Peek Inside the Model's Brain: From Black Box to Glass Box.
I deployed a loan-approval model. High accuracy. Then a regulator asked: 'Why did you reject this applicant?' I had no answer. These three techniques change that.
Interpretability for LLMs is like neuroscience for the brain. You can reason about behavior, but mechanistic understanding is an active research field. Use these techniques as guides and evidence, not absolute ground truth.
Technique 1: Attention Maps (The "What are you looking at?" Test)

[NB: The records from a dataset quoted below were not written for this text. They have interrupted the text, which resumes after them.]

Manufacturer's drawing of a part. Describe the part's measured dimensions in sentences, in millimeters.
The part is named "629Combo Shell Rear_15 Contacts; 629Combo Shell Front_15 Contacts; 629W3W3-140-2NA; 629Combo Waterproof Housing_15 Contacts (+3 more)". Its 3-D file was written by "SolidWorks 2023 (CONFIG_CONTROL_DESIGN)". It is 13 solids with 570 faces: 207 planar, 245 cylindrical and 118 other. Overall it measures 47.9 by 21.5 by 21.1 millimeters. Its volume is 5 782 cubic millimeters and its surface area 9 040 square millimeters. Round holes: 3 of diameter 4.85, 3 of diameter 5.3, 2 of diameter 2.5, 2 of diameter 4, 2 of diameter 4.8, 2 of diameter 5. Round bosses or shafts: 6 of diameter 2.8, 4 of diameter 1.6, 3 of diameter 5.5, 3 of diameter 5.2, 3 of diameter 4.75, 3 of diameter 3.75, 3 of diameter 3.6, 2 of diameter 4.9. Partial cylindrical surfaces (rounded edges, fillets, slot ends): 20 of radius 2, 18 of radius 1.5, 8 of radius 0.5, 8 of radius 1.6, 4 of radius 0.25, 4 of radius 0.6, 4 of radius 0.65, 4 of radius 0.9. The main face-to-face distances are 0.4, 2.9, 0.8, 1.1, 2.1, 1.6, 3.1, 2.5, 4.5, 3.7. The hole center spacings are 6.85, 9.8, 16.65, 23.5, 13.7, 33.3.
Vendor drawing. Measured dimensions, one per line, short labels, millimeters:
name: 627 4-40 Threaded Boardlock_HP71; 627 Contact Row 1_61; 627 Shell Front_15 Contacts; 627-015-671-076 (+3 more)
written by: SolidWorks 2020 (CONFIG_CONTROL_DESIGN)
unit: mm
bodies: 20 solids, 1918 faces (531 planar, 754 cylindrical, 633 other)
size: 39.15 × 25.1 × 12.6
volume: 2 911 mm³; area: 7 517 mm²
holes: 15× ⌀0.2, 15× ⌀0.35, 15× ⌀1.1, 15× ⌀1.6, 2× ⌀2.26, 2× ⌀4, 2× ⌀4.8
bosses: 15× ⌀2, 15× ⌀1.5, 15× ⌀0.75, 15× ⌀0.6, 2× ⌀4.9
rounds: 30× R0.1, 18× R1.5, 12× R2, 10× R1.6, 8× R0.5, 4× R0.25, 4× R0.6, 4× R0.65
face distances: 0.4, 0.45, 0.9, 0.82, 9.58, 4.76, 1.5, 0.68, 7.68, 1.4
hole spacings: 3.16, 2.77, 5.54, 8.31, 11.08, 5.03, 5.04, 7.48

Attention weights tell you what the model "looks at" when generating each token. Using circuitsvis, we can visualize these relationships in real-time.
# Visualize Attention with circuitsvis
import circuitsvis as cv
from transformers import AutoModelForCausalLM, AutoTokenizer
model = AutoModelForCausalLM.from_pretrained("gpt2", output_attentions=True)
tokenizer = AutoTokenizer.from_pretrained("gpt2")
text = "The doctor asked the nurse to help him with the patient."
tokens = tokenizer.tokenize(text)
inputs = tokenizer(text, return_tensors="pt")
outputs = model(**inputs)
# outputs.attentions is a tuple of [layers, batch, heads, seq, seq]
# Visualize Layer 0, Head 0
cv.attention.attention_heads(
tokens=tokens,
attention=outputs.attentions[0][0]
)
- Induction Heads: Heads that look back at previous instances of the current token to predict the next (crucial for in-context learning).
- Semantic Heads: Heads that attend to words in the same semantic category (e.g., attending to "doctor" when seeing "patient").
- Bias Check: Does the head for "him" attend more strongly to "doctor" than "nurse"? This reveals internal gender biases.
Technique 2: Sparse Autoencoders (SAEs)
Models pack millions of concepts into a small number of dimensions—a phenomenon called superposition. SAEs act as a decompressor, untangling these meanings into "interpretable features."
- In the Model: A single neuron might fire for "colors," "legal text," and "the word 'Paris'."
- In the SAE: Each latent feature represents exactly one concept. Feature #4023 fires ONLY for "deceptive intent."
# Conceptual SAE Implementation (PyTorch)
class SparseAutoencoder(nn.Module):
def __init__(self, d_model, d_sae):
super().__init__()
self.encoder = nn.Linear(d_model, d_sae)
self.decoder = nn.Linear(d_sae, d_model)
self.relu = nn.ReLU()
def forward(self, x):
# x: model hidden states [batch, d_model]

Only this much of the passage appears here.